The data
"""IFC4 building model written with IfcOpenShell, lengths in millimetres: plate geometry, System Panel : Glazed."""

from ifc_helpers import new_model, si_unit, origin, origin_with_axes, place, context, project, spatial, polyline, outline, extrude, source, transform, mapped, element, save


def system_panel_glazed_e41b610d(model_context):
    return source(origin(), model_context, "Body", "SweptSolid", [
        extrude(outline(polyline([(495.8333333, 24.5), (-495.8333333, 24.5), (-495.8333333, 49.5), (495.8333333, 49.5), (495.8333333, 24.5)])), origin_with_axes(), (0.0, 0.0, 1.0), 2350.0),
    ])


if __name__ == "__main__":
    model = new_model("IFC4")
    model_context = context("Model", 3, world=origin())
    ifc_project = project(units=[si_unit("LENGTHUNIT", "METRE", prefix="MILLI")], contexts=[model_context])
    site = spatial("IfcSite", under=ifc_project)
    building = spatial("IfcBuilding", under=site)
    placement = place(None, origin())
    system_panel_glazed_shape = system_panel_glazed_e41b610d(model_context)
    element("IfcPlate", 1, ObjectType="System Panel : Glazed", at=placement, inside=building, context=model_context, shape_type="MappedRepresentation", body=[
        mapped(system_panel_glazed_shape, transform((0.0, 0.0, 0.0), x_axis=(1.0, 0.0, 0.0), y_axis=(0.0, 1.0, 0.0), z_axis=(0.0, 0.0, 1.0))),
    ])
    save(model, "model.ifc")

Exercise instructions
Filter the records for the word "outline" and show every line that has it.

Result
from ifc_helpers import new_model, si_unit, origin, origin_with_axes, place, context, project, spatial, polyline, outline, extrude, source, transform, mapped, element, save
        extrude(outline(polyline([(495.8333333, 24.5), (-495.8333333, 24.5), (-495.8333333, 49.5), (495.8333333, 49.5), (495.8333333, 24.5)])), origin_with_axes(), (0.0, 0.0, 1.0), 2350.0),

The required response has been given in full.